New York – The mayor of New York, Bill de Blasio, described as “outrageous” that taxi drivers in this city are not offering their services to Chinese passengers for fear of contagion with the Wuhan coronavirus (COVID-19) and warned that there will be ” consequences”.
“There will be consequences for anyone caught taking part in this kind of racial, cruel profile,” De Blasio said through a tweet, after it was revealed that this community was facing this situation.
Taxi drivers in the Big Apple admitted to the New York Post that they are not accepting these passengers and some have stopped working in sectors of the district of Queens, where a large population of this country lies, the newspaper said today.RELATED
In China, the number of those affected by the coronavirus has exceeded 60 thousand cases and has caused at least 1,380 deaths, most in the province of Hubei, epicenter of the spread of the pathogen, which has generated fear among New Yorkers despite that no case has been reported in this city.
“I feel bad about that, but when I see Chinese passengers, I simply go,” a taxi driver who preferred anonymity told the Post while others have been avoiding certain neighborhoods with large Chinese populations, such as Flushing, in Queens, where it is estimated to be located 70,000 emigrants from that country.
“If I leave someone in Flushing, I deactivate the Uber application (to request the service of a taxi) and I go to another area.
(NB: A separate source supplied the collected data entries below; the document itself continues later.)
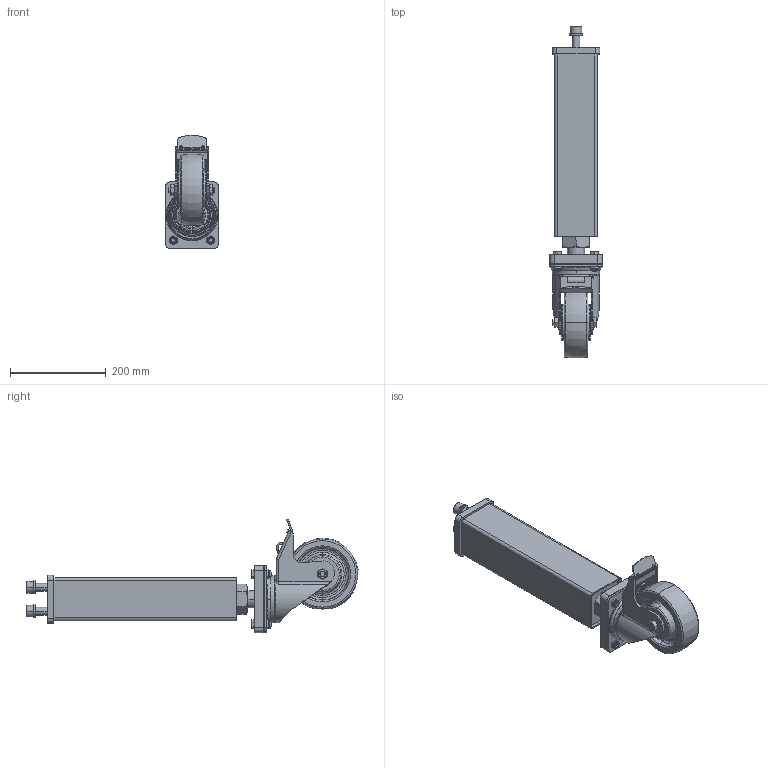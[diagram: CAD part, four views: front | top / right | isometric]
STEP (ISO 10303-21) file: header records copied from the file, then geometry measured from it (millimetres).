
FILE_DESCRIPTION (( 'STEP AP203' ), '1' );
FILE_NAME ('280876.X - 28003398__________.step', '2023-01-27T09:19:33', ( '' ), ( '' ), 'SwSTEP 2.0', 'SolidWorks 2020', '' );
FILE_SCHEMA (( 'CONFIG_CONTROL_DESIGN' ));
Length unit declared in the file: millimetre
Products named in the file (1): 280876.X - 28003398__________
Bounding box: 110 x 693.66 x 237.13 mm (x, y, z)
Volume: 2300810.1 mm3; surface area: 544889.1 mm2
Topology: 6 solids, 14 shells, 1273 faces, 3103 edges, 1900 vertices
Faces by surface type: plane 427, cone 303, cylinder 237, bspline 202, torus 99, sphere 5
Entity records: 50305 total; most frequent: CARTESIAN_POINT 22098, ORIENTED_EDGE 6188, DIRECTION 5409, EDGE_CURVE 3094, AXIS2_PLACEMENT_3D 2169, VERTEX_POINT 1899, EDGE_LOOP 1347, ADVANCED_FACE 1273

I don’t know who has it. I worry about myself, my family and my passengers,” said a driver to the New York newspaper.
The fear of contagion has also affected sales in stores in the popular Chinatown sector in Manhattan.
Just a few days ago, De Blasio called on citizens to go to stores in Chinatown, which has suffered a decrease in sales of up to 60 percent.
This action by taxi drivers is punishable by a fine of $ 500, the first time, for discrimination imposed by the Taxi and Limousine Commission that regulates this industry in the city and which could also revoke the driver’s license.
The director of the Commission, Aloysee Heredia Jarmoszuk recalled that this practice “is illegal” in New York and called on anyone who experiences the situation to contact that public agency.